Thomas Caverhill, the president of the Macdonald Tobacco Company, the official sponsor of the national title, said, “It was marvellous. I had always known Winnipeg was a curling centre but the spontaneous reception the visitor and home curlers received was a revelation to me. We’re certainly elated the 1940 championships were conducted in your wonderful city.”
George Cameron, the western Brier official, who hailed from Winnipeg and originally conceived of the idea of a national men’s championship in 1924, said the shift of the Brier from Toronto to Winnipeg was “a noble experiment” that proved to be a winner.
Peter Lyall, a trustee of the Macdonald Brier since 1927, a Montréal curler and an ex-president of the Manitoba Curling Association when he earlier lived in Winnipeg, who Cameron enlisted to help promote the concept of a national title, called the Winnipeg Brier, “the greatest spectacle in the history of curling.”
C.B. Richardson, the secretary of the Macdonald Brier trustees, said he had seen nothing to equal the turn-out at the Amphitheatre. “We had been assured that this might happen,” added Richardson, “but never did we believe it until we saw it with our own eyes. And that pipe band show, with the kind permission of my friend Col. Hugh MacKenzie, was the finishing touch in it all.”
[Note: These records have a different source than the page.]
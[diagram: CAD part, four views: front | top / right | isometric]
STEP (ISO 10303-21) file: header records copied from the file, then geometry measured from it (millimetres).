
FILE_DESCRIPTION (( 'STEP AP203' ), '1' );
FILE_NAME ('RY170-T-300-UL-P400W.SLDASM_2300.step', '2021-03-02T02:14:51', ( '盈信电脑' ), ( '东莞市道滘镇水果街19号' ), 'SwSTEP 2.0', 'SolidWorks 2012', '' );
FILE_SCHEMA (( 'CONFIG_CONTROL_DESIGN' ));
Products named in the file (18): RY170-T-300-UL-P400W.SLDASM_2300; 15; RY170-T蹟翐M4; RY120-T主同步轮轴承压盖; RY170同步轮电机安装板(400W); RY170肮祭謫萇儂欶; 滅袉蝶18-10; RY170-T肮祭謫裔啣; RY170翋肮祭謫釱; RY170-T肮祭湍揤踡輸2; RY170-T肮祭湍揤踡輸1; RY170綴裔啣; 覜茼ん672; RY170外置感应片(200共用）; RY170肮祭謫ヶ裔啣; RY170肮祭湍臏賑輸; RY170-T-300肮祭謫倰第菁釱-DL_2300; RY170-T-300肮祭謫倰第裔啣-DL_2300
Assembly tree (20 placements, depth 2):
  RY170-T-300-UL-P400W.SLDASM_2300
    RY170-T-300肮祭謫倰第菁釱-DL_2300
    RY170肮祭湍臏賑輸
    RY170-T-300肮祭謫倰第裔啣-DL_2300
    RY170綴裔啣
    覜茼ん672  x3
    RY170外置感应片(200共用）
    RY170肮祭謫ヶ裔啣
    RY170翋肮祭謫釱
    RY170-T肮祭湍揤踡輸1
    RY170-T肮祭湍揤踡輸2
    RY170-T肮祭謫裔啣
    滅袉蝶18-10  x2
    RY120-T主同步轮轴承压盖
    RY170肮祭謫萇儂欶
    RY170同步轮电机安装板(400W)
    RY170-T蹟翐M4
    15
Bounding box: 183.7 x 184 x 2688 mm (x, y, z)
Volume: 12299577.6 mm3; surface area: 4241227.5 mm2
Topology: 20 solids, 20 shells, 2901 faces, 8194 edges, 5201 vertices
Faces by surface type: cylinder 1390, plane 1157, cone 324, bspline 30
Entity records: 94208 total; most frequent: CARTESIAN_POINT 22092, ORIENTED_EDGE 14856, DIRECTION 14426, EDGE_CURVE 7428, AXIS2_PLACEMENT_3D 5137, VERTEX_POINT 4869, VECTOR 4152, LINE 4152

Out-of-province curlers said they were overwhelmed by the local hospitality and the turn-out at the Amphitheatre.
By the end of Winnipeg’s tenure as the host in 1940, the Brier had been changed forever. It had, as Armstrong mused, entered the big time as a result of being staged for the very first time in a curling-mad city in a curling-mad province. 
It was in Winnipeg that the Brier earned the status of a Canadian national sports extravaganza.